Three views of a cantilever set with various turnaround lengths under the action of 29 g masses applied at the turnaround tip.

Fig. 8.

Three views of a cantilever set with various turnaround lengths under the action of 29 g masses applied at the turnaround tip.

Close modal

This paper introduces the notion of using sets of 3D-printed cantilevers to provide a tactile demonstration of stiffness and how it is influenced by changes in geometry. Although the measured results are included, this is done mainly for completeness, with the primary emphasis based on relative behavior in which students directly experience the feel of changes in geometry. By simply pushing down on the ends of each cantilever in succession, the change in stiffness is immediately apparent. The focus on relative behavior is intimately related to nondimensionalization and generally de-emphasizes the importance of units. Students can estimate the proportional magnitude of changes in deflection and stiffness as a function of changes in beam geometry.

The resolution of the printer and the material properties of the 3D-printer thermoplastic are much less important than if they were being used to confirm theory against experiment in a conventional sense. 3D-printing is now ubiquitous in science and engineering. We also mention a couple of subtle practical ways in which 3D-printing also facilitates testing: the judicious use of “fillets” on interior corners to reduce stress concentrations; small “eyes” to facilitate the applications of loads (most clearly seen in Fig. 5(b)); and holes printed in the base to allow a convenient attachment to a test-stand.

As mentioned earlier, ABS thermoplastic does not have precise mechanical properties but rather a range, e.g., $1010 < ρ < 1210$ kg/m3 and $1.2 < E < 2.9$ N/m2. These are bulk estimates and the 3D-printing process can lead to small voids with different density settings. Furthermore, the nominal values for geometry as printed depend on the resolution of the printer. The deflections are also measured on the top surface of the cantilever whereas the theory corresponds to the cantilever centerline. Thus, we should not be surprised by an imperfect theory-experiment correlation. However, this reinforces the presentation in comparative terms—the cantilevers are all printed with the same material, in the same orientation, into a contiguous base, and to the same geometric tolerance, and hence their relative stiffness/frequency behavior is consistent (as confirmed in the  Appendix A).

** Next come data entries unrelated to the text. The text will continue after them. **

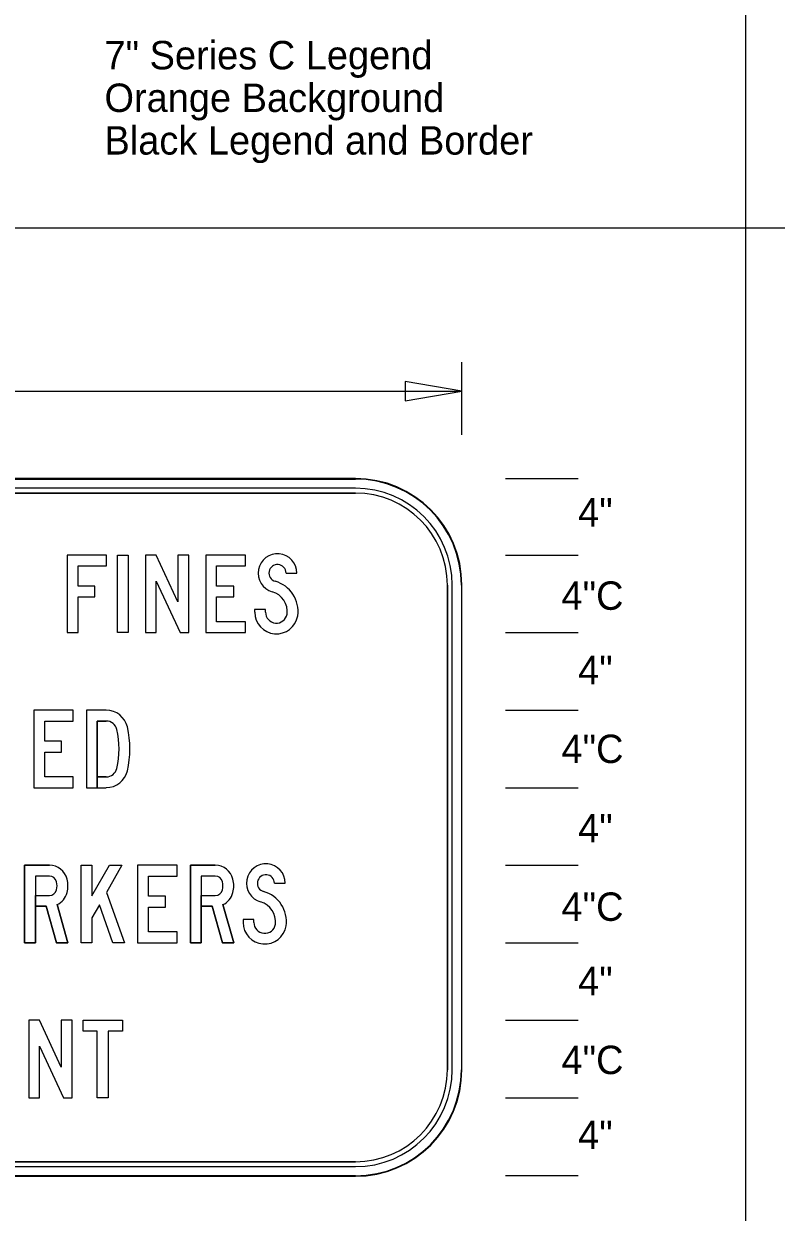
# Model space of a CAD drawing. Extents: x 0 to 770, y 0 to 495.
# Drawn here: x 488.5 to 581.3, y 208.7 to 355.1 of the extents above; entities that cross this region are included whole.
import ezdxf

# ---------------------------------------------------------------- set-up
doc = ezdxf.new("R2010")
doc.units = 0
for name, color, linetype in [('Dimension', 7, 'Continuous'), ('GSBWFill', 7, 'Continuous'), ('GSColorFill', 7, 'Continuous'), ('GSDims', 7, 'Continuous'), ('GSOutline', 7, 'Continuous'), ('SheetLines_dp', 7, 'Continuous'), ('TextStructures', 7, 'Continuous')]:
    doc.layers.add(name, color=color, linetype=linetype)

msp = doc.modelspace()

# ---------------------------------------------------------------- linework, layer by layer
at = {"layer": 'Dimension'}
msp.add_lwpolyline([(542.51, 309.87), (535.49, 311.06), (535.49, 308.68)], close=True, dxfattribs=at)
at = {"layer": 'GSBWFill'}
for p, q in [((529.37, 299.12), (426.69, 299.12)), ((529.37, 297.93), (426.69, 297.93)), ((426.69, 297.33), (529.37, 297.33)), ((520.82, 287.47), (522.16, 287.47)), ((540.71, 285.99), (540.71, 226.29)), ((541.31, 226.29), (541.31, 285.99)), ((542.51, 226.29), (542.51, 285.99)), ((518.29, 282.65), (518.29, 283)), ((498.66, 262.37), (497.56, 262.37)), ((519.39, 249.26), (520.73, 249.26)), ((491.65, 247.76), (491.65, 247.76)), ((512.1, 247.76), (512.1, 247.76)), ((516.86, 244.44), (516.86, 244.8)), ((529.37, 214.95), (426.7, 214.95)), ((426.7, 214.35), (529.37, 214.35)), ((426.69, 213.16), (529.37, 213.16))]:
    msp.add_line(p, q, dxfattribs=at)
for points in [[(495.18, 284.53), (497.27, 284.53), (497.27, 285.87), (495.18, 285.87), (495.18, 288.35), (498.71, 288.35), (498.71, 289.69), (493.84, 289.69), (493.84, 280.14), (495.18, 280.14)], [(500.05, 289.69), (501.38, 289.69), (501.38, 280.14), (500.05, 280.14)], [(507.78, 280.14), (508.84, 280.14), (508.84, 289.69), (507.5, 289.69), (507.5, 283.92), (504.81, 289.69), (503.49, 289.69), (503.49, 280.14), (504.82, 280.14), (504.82, 286.49)], [(512.27, 281.48), (512.27, 284.53), (514.37, 284.53), (514.37, 285.87), (512.27, 285.87), (512.27, 288.35), (515.81, 288.35), (515.81, 289.69), (510.94, 289.69), (510.94, 280.14), (515.81, 280.14), (515.81, 281.48)], [(491.07, 262.37), (491.07, 265.43), (493.16, 265.43), (493.16, 266.77), (491.07, 266.77), (491.07, 269.25), (494.6, 269.25), (494.6, 270.59), (489.73, 270.59), (489.73, 261.03), (494.6, 261.03), (494.6, 262.37)], [(497.81, 246.6), (496.9, 244.99), (496.9, 241.93), (495.56, 241.93), (495.56, 251.48), (496.9, 251.48), (496.9, 247.7), (499.04, 251.48), (500.57, 251.48), (498.68, 248.14), (500.91, 241.93), (499.49, 241.93)], [(503.87, 243.27), (503.87, 246.32), (505.96, 246.32), (505.96, 247.66), (503.87, 247.66), (503.87, 250.14), (507.4, 250.14), (507.4, 251.48), (502.53, 251.48), (502.53, 241.93), (507.4, 241.93), (507.4, 243.27)], [(493.41, 222.83), (494.46, 222.83), (494.46, 232.38), (493.12, 232.38), (493.12, 226.61), (490.43, 232.38), (489.11, 232.38), (489.11, 222.83), (490.45, 222.83), (490.45, 229.18)], [(497.56, 231.04), (495.8, 231.04), (495.8, 232.38), (500.67, 232.38), (500.67, 231.04), (498.9, 231.04), (498.9, 222.83), (497.56, 222.83)]]:
    msp.add_lwpolyline(points, close=True, dxfattribs=at)
for points in [[(518.29, 283), (516.95, 283), (516.95, 282.65)], [(498.66, 270.59), (496.23, 270.59), (496.23, 261.03), (497.56, 261.03), (497.56, 269.25), (498.66, 269.25)], [(497.56, 262.37), (497.56, 261.03), (498.66, 261.03)], [(491.65, 250.14), (489.92, 250.14), (489.92, 241.93), (488.59, 241.93), (488.59, 251.48), (491.65, 251.48)], [(512.1, 250.14), (510.36, 250.14), (510.36, 241.93), (509.03, 241.93), (509.03, 251.48), (512.1, 251.48)], [(492.6, 246.63), (493.93, 241.93), (492.54, 241.93), (491.27, 246.42), (489.92, 246.42), (489.92, 247.76), (491.65, 247.76)], [(513.04, 246.63), (514.38, 241.93), (512.99, 241.93), (511.71, 246.42), (510.36, 246.42), (510.36, 247.76), (512.1, 247.76)], [(516.86, 244.8), (515.52, 244.8), (515.52, 244.44)]]:
    msp.add_lwpolyline(points, dxfattribs=at)
for centre, radius, start, end in [((529.37, 285.99), 13.13, 0, 90), ((529.37, 285.99), 11.94, 0, 90), ((529.37, 285.99), 11.34, 0, 90), ((498.66, 267.91), 2.67, 13.109, 90), ((498.66, 267.91), 1.34, 13.109, 90), ((489.64, 265.81), 10.6, 346.891, 13.109), ((489.64, 265.81), 11.94, 346.891, 13.109), ((498.66, 263.71), 1.34, 270, 346.891), ((498.66, 263.71), 2.67, 270, 346.891), ((512.1, 249.24), 2.24, 13.8865, 90), ((512.1, 249.24), 0.907, 13.8865, 90), ((510.94, 248.95), 2.1, 346.1135, 13.8865), ((510.94, 248.95), 3.44, 346.1135, 13.8865), ((512.1, 248.66), 0.907, 270, 346.1135), ((512.1, 248.66), 2.24, 294.8221, 346.1135), ((529.37, 226.29), 11.94, 270, 0), ((529.37, 226.29), 11.34, 270, 0), ((529.37, 226.29), 13.13, 270, 0)]:
    msp.add_arc(centre, radius, start, end, dxfattribs=at)
for centre, major_axis, start_param, end_param in [((519.77, 287.47), (0, 2.39), 4.712389, 9.149469), ((519.77, 287.47), (0, 1.05), 4.712389, 9.149469), ((518.44, 282.74), (0, 3.87), 4.575028, 6.007876), ((518.44, 282.74), (0, 2.53), 4.582893, 6.007876), ((519.63, 282.65), (0, 2.67), 1.570796, 4.54713), ((519.63, 282.65), (0, 1.34), 1.570796, 4.534115), ((491.65, 249.24), (0, 2.24), 4.954755, 6.283185), ((518.34, 249.26), (0, 2.39), 4.712389, 9.149469), ((491.65, 249.24), (0, 0.907), 4.954755, 6.283185), ((490.5, 248.95), (0, 2.1), 4.470023, 4.954755), ((490.5, 248.95), (0, 3.44), 4.470023, 4.954755), ((518.34, 249.26), (0, 1.05), 4.712389, 9.149469), ((491.65, 248.66), (0, 0.907), 3.141593, 4.470023), ((491.65, 248.66), (0, 2.24), 3.574819, 4.470023), ((517, 244.53), (0, 3.87), 4.575028, 6.007876), ((517, 244.53), (0, 2.53), 4.582893, 6.007876), ((518.2, 244.44), (0, 2.67), 1.570796, 4.54713), ((518.2, 244.44), (0, 1.34), 1.570796, 4.534115)]:
    msp.add_ellipse(centre, major_axis=major_axis, ratio=0.999991, start_param=start_param, end_param=end_param, dxfattribs=at)
at = {"layer": 'GSColorFill'}
for p, q in [((529.37, 299.12), (426.69, 299.12)), ((529.37, 299.12), (426.69, 299.12)), ((426.69, 299.06), (529.37, 299.06)), ((529.37, 297.93), (426.69, 297.93)), ((426.69, 297.33), (529.37, 297.33)), ((520.82, 287.47), (522.16, 287.47)), ((540.71, 285.99), (540.71, 226.29)), ((541.31, 226.29), (541.31, 285.99)), ((542.45, 285.99), (542.45, 226.29)), ((542.51, 226.29), (542.51, 285.99)), ((542.51, 226.29), (542.51, 285.99)), ((518.29, 282.65), (518.29, 283)), ((498.66, 262.37), (497.56, 262.37)), ((519.39, 249.26), (520.73, 249.26)), ((491.65, 247.76), (491.65, 247.76)), ((512.1, 247.76), (512.1, 247.76)), ((516.86, 244.44), (516.86, 244.8)), ((529.37, 214.95), (426.7, 214.95)), ((426.7, 214.35), (529.37, 214.35)), ((529.37, 213.21), (426.69, 213.21)), ((426.69, 213.16), (529.37, 213.16)), ((426.69, 213.16), (529.37, 213.16))]:
    msp.add_line(p, q, dxfattribs=at)
for points in [[(495.18, 284.53), (497.27, 284.53), (497.27, 285.87), (495.18, 285.87), (495.18, 288.35), (498.71, 288.35), (498.71, 289.69), (493.84, 289.69), (493.84, 280.14), (495.18, 280.14)], [(500.05, 289.69), (501.38, 289.69), (501.38, 280.14), (500.05, 280.14)], [(507.78, 280.14), (508.84, 280.14), (508.84, 289.69), (507.5, 289.69), (507.5, 283.92), (504.81, 289.69), (503.49, 289.69), (503.49, 280.14), (504.82, 280.14), (504.82, 286.49)], [(512.27, 281.48), (512.27, 284.53), (514.37, 284.53), (514.37, 285.87), (512.27, 285.87), (512.27, 288.35), (515.81, 288.35), (515.81, 289.69), (510.94, 289.69), (510.94, 280.14), (515.81, 280.14), (515.81, 281.48)], [(491.07, 262.37), (491.07, 265.43), (493.16, 265.43), (493.16, 266.77), (491.07, 266.77), (491.07, 269.25), (494.6, 269.25), (494.6, 270.59), (489.73, 270.59), (489.73, 261.03), (494.6, 261.03), (494.6, 262.37)], [(497.81, 246.6), (496.9, 244.99), (496.9, 241.93), (495.56, 241.93), (495.56, 251.48), (496.9, 251.48), (496.9, 247.7), (499.04, 251.48), (500.57, 251.48), (498.68, 248.14), (500.91, 241.93), (499.49, 241.93)], [(503.87, 243.27), (503.87, 246.32), (505.96, 246.32), (505.96, 247.66), (503.87, 247.66), (503.87, 250.14), (507.4, 250.14), (507.4, 251.48), (502.53, 251.48), (502.53, 241.93), (507.4, 241.93), (507.4, 243.27)], [(493.41, 222.83), (494.46, 222.83), (494.46, 232.38), (493.12, 232.38), (493.12, 226.61), (490.43, 232.38), (489.11, 232.38), (489.11, 222.83), (490.45, 222.83), (490.45, 229.18)], [(497.56, 231.04), (495.8, 231.04), (495.8, 232.38), (500.67, 232.38), (500.67, 231.04), (498.9, 231.04), (498.9, 222.83), (497.56, 222.83)]]:
    msp.add_lwpolyline(points, close=True, dxfattribs=at)
for points in [[(518.29, 283), (516.95, 283), (516.95, 282.65)], [(498.66, 270.59), (496.23, 270.59), (496.23, 261.03), (497.56, 261.03), (497.56, 269.25), (498.66, 269.25)], [(497.56, 262.37), (497.56, 261.03), (498.66, 261.03)], [(491.65, 250.14), (489.92, 250.14), (489.92, 241.93), (488.59, 241.93), (488.59, 251.48), (491.65, 251.48)], [(512.1, 250.14), (510.36, 250.14), (510.36, 241.93), (509.03, 241.93), (509.03, 251.48), (512.1, 251.48)], [(492.6, 246.63), (493.93, 241.93), (492.54, 241.93), (491.27, 246.42), (489.92, 246.42), (489.92, 247.76), (491.65, 247.76)], [(513.04, 246.63), (514.38, 241.93), (512.99, 241.93), (511.71, 246.42), (510.36, 246.42), (510.36, 247.76), (512.1, 247.76)], [(516.86, 244.8), (515.52, 244.8), (515.52, 244.44)]]:
    msp.add_lwpolyline(points, dxfattribs=at)
for centre, radius, start, end in [((529.37, 285.99), 13.13, 0, 90), ((529.37, 285.99), 13.13, 0, 90), ((529.37, 285.99), 13.07, 0, 90), ((529.37, 285.99), 11.94, 0, 90), ((529.37, 285.99), 11.34, 0, 90), ((498.66, 267.91), 2.67, 13.109, 90), ((498.66, 267.91), 1.34, 13.109, 90), ((489.64, 265.81), 10.6, 346.891, 13.109), ((489.64, 265.81), 11.94, 346.891, 13.109), ((498.66, 263.71), 1.34, 270, 346.891), ((498.66, 263.71), 2.67, 270, 346.891), ((512.1, 249.24), 2.24, 13.8865, 90), ((512.1, 249.24), 0.907, 13.8865, 90), ((510.94, 248.95), 2.1, 346.1135, 13.8865), ((510.94, 248.95), 3.44, 346.1135, 13.8865), ((512.1, 248.66), 0.907, 270, 346.1135), ((512.1, 248.66), 2.24, 294.8221, 346.1135), ((529.37, 226.29), 13.13, 270, 0), ((529.37, 226.29), 11.94, 270, 0), ((529.37, 226.29), 11.34, 270, 0), ((529.37, 226.29), 13.13, 270, 0), ((529.37, 226.29), 13.07, 270, 0)]:
    msp.add_arc(centre, radius, start, end, dxfattribs=at)
for centre, major_axis, start_param, end_param in [((519.77, 287.47), (0, 2.39), 4.712389, 9.149469), ((519.77, 287.47), (0, 1.05), 4.712389, 9.149469), ((518.44, 282.74), (0, 3.87), 4.575028, 6.007876), ((518.44, 282.74), (0, 2.53), 4.582893, 6.007876), ((519.63, 282.65), (0, 2.67), 1.570796, 4.54713), ((519.63, 282.65), (0, 1.34), 1.570796, 4.534115), ((491.65, 249.24), (0, 2.24), 4.954755, 6.283185), ((518.34, 249.26), (0, 2.39), 4.712389, 9.149469), ((491.65, 249.24), (0, 0.907), 4.954755, 6.283185), ((490.5, 248.95), (0, 2.1), 4.470023, 4.954755), ((490.5, 248.95), (0, 3.44), 4.470023, 4.954755), ((518.34, 249.26), (0, 1.05), 4.712389, 9.149469), ((491.65, 248.66), (0, 0.907), 3.141593, 4.470023), ((491.65, 248.66), (0, 2.24), 3.574819, 4.470023), ((517, 244.53), (0, 3.87), 4.575028, 6.007876), ((517, 244.53), (0, 2.53), 4.582893, 6.007876), ((518.2, 244.44), (0, 2.67), 1.570796, 4.54713), ((518.2, 244.44), (0, 1.34), 1.570796, 4.534115)]:
    msp.add_ellipse(centre, major_axis=major_axis, ratio=0.999991, start_param=start_param, end_param=end_param, dxfattribs=at)
at = {"layer": 'GSDims'}
for p, q in [((542.51, 304.5), (542.51, 313.45)), ((413.56, 309.87), (542.51, 309.87)), ((547.88, 299.12), (556.83, 299.12)), ((547.88, 289.69), (556.83, 289.69)), ((547.88, 289.69), (556.83, 289.69)), ((547.88, 280.14), (556.83, 280.14)), ((547.88, 280.14), (556.83, 280.14)), ((547.88, 270.59), (556.83, 270.59)), ((547.88, 270.59), (556.83, 270.59)), ((547.88, 261.03), (556.83, 261.03)), ((547.88, 261.03), (556.83, 261.03)), ((547.88, 251.48), (556.83, 251.48)), ((547.88, 251.48), (556.83, 251.48)), ((547.88, 241.93), (556.83, 241.93)), ((547.88, 241.93), (556.83, 241.93)), ((547.88, 232.38), (556.83, 232.38)), ((547.88, 232.38), (556.83, 232.38)), ((547.88, 222.83), (556.83, 222.83)), ((547.88, 222.83), (556.83, 222.83)), ((547.88, 213.27), (556.83, 213.27))]:
    msp.add_line(p, q, dxfattribs=at)
at = {"layer": 'GSOutline'}
for p, q in [((529.37, 299.12), (426.69, 299.12)), ((529.37, 297.93), (426.69, 297.93)), ((529.37, 297.33), (426.69, 297.33)), ((520.82, 287.47), (522.16, 287.47)), ((540.71, 226.29), (540.71, 285.99)), ((541.31, 226.29), (541.31, 285.99)), ((542.51, 226.29), (542.51, 285.99)), ((518.29, 282.65), (518.29, 283)), ((497.56, 262.37), (498.66, 262.37)), ((498.66, 261.03), (498.66, 261.03)), ((491.65, 251.48), (488.59, 251.48)), ((512.1, 251.48), (509.03, 251.48)), ((491.65, 250.14), (491.65, 250.14)), ((512.1, 250.14), (512.1, 250.14)), ((519.39, 249.26), (520.73, 249.26)), ((516.86, 244.44), (516.86, 244.8)), ((426.69, 214.95), (529.37, 214.95)), ((426.69, 214.35), (529.37, 214.35)), ((426.69, 213.16), (529.37, 213.16))]:
    msp.add_line(p, q, dxfattribs=at)
for points in [[(495.18, 284.53), (497.27, 284.53), (497.27, 285.87), (495.18, 285.87), (495.18, 288.35), (498.71, 288.35), (498.71, 289.69), (493.84, 289.69), (493.84, 280.14), (495.18, 280.14)], [(500.05, 289.69), (501.38, 289.69), (501.38, 280.14), (500.05, 280.14)], [(507.78, 280.14), (508.84, 280.14), (508.84, 289.69), (507.5, 289.69), (507.5, 283.92), (504.81, 289.69), (503.49, 289.69), (503.49, 280.14), (504.82, 280.14), (504.82, 286.49)], [(512.27, 281.48), (512.27, 284.53), (514.37, 284.53), (514.37, 285.87), (512.27, 285.87), (512.27, 288.35), (515.81, 288.35), (515.81, 289.69), (510.94, 289.69), (510.94, 280.14), (515.81, 280.14), (515.81, 281.48)], [(491.07, 262.37), (491.07, 265.43), (493.16, 265.43), (493.16, 266.77), (491.07, 266.77), (491.07, 269.25), (494.6, 269.25), (494.6, 270.59), (489.73, 270.59), (489.73, 261.03), (494.6, 261.03), (494.6, 262.37)], [(497.81, 246.6), (496.9, 244.99), (496.9, 241.93), (495.56, 241.93), (495.56, 251.48), (496.9, 251.48), (496.9, 247.7), (499.04, 251.48), (500.57, 251.48), (498.68, 248.14), (500.91, 241.93), (499.49, 241.93)], [(503.87, 243.27), (503.87, 246.32), (505.96, 246.32), (505.96, 247.66), (503.87, 247.66), (503.87, 250.14), (507.4, 250.14), (507.4, 251.48), (502.53, 251.48), (502.53, 241.93), (507.4, 241.93), (507.4, 243.27)], [(493.41, 222.83), (494.46, 222.83), (494.46, 232.38), (493.12, 232.38), (493.12, 226.61), (490.43, 232.38), (489.11, 232.38), (489.11, 222.83), (490.45, 222.83), (490.45, 229.18)], [(497.56, 231.04), (495.8, 231.04), (495.8, 232.38), (500.67, 232.38), (500.67, 231.04), (498.9, 231.04), (498.9, 222.83), (497.56, 222.83)]]:
    msp.add_lwpolyline(points, close=True, dxfattribs=at)
for points in [[(518.29, 283), (516.95, 283), (516.95, 282.65)], [(498.66, 270.59), (496.23, 270.59), (496.23, 261.03), (498.66, 261.03)], [(498.66, 269.25), (497.56, 269.25), (497.56, 262.37)], [(488.59, 251.48), (488.59, 241.93), (489.92, 241.93), (489.92, 246.42), (491.27, 246.42), (492.54, 241.93), (493.93, 241.93), (492.6, 246.63)], [(509.03, 251.48), (509.03, 241.93), (510.36, 241.93), (510.36, 246.42), (511.71, 246.42), (512.99, 241.93), (514.38, 241.93), (513.04, 246.63)], [(491.65, 250.14), (489.92, 250.14), (489.92, 247.76), (491.65, 247.76)], [(512.1, 250.14), (510.36, 250.14), (510.36, 247.76), (512.1, 247.76)], [(516.86, 244.8), (515.52, 244.8), (515.52, 244.44)]]:
    msp.add_lwpolyline(points, dxfattribs=at)
for centre, radius, start, end in [((529.37, 285.99), 13.13, 0, 90), ((529.37, 285.99), 11.94, 0, 90), ((529.37, 285.99), 11.34, 0, 90), ((498.66, 267.91), 2.67, 13.109, 90), ((498.66, 267.91), 1.34, 13.109, 90), ((489.64, 265.81), 10.6, 346.891, 13.109), ((489.64, 265.81), 11.94, 346.891, 13.109), ((498.66, 263.71), 1.34, 270, 346.891), ((498.66, 263.71), 2.67, 270, 346.891), ((512.1, 249.24), 2.24, 13.8865, 90), ((512.1, 249.24), 0.907, 13.8865, 90), ((510.94, 248.95), 2.1, 346.1135, 13.8865), ((510.94, 248.95), 3.44, 346.1135, 13.8865), ((512.1, 248.66), 0.907, 270, 346.1135), ((512.1, 248.66), 2.24, 294.8221, 346.1135), ((529.37, 226.29), 11.94, 270, 0), ((529.37, 226.29), 11.34, 270, 0), ((529.37, 226.29), 13.13, 270, 0)]:
    msp.add_arc(centre, radius, start, end, dxfattribs=at)
for centre, major_axis, start_param, end_param in [((519.77, 287.47), (0, 2.39), 4.712389, 9.149469), ((519.77, 287.47), (0, 1.05), 4.712389, 9.149469), ((518.44, 282.74), (0, 3.87), 4.575028, 6.007876), ((518.44, 282.74), (0, 2.53), 4.582893, 6.007876), ((519.63, 282.65), (0, 2.67), 1.570796, 4.54713), ((519.63, 282.65), (0, 1.34), 1.570796, 4.534115), ((491.65, 249.24), (0, 2.24), 4.954755, 6.283185), ((518.34, 249.26), (0, 2.39), 4.712389, 9.149469), ((491.65, 249.24), (0, 0.907), 4.954755, 6.283185), ((490.5, 248.95), (0, 2.1), 4.470023, 4.954755), ((490.5, 248.95), (0, 3.44), 4.470023, 4.954755), ((518.34, 249.26), (0, 1.05), 4.712389, 9.149469), ((491.65, 248.66), (0, 0.907), 3.141593, 4.470023), ((491.65, 248.66), (0, 2.24), 3.574819, 4.470023), ((517, 244.53), (0, 3.87), 4.575028, 6.007876), ((517, 244.53), (0, 2.53), 4.582893, 6.007876), ((518.2, 244.44), (0, 2.67), 1.570796, 4.54713), ((518.2, 244.44), (0, 1.34), 1.570796, 4.534115)]:
    msp.add_ellipse(centre, major_axis=major_axis, ratio=0.999991, start_param=start_param, end_param=end_param, dxfattribs=at)
at = {"layer": 'SheetLines_dp'}
for p, q in [((577.5, 0), (577.5, 495)), ((0, 330), (770, 330))]:
    msp.add_line(p, q, dxfattribs=at)

# ---------------------------------------------------------------- texts
at = {"layer": 'TextStructures'}
for s, p in [('7" Series C Legend', (498.44, 349.53)), ('Orange Background', (498.44, 344.28)), ('Black Legend and Border  ', (498.44, 339.03)), ('4"', (556.83, 293.21)), ('4"C', (554.78, 282.95)), ('4"', (556.83, 273.78)), ('4"C', (554.78, 264.07)), ('4"', (556.83, 254.29)), ('4"C', (554.78, 244.63)), ('4"', (556.83, 235.47)), ('4"C', (554.78, 225.75)), ('4"', (556.83, 216.53))]:
    msp.add_text(s, height=3.5, dxfattribs=at).set_placement(p)

doc.saveas('drawing.dxf')

The (linear) relation between force and deflection is a dominant issue in understanding the mechanics of solids. The advent of 3D-printing presents an appealing opportunity to produce demonstration models that provide an effective (literally) hands-on appreciation of behavior well-supported by fundamental theory.

This work was partially supported by the NSF under Award No. CMMI-1926672. The authors thank the reviewers for their constructive comments.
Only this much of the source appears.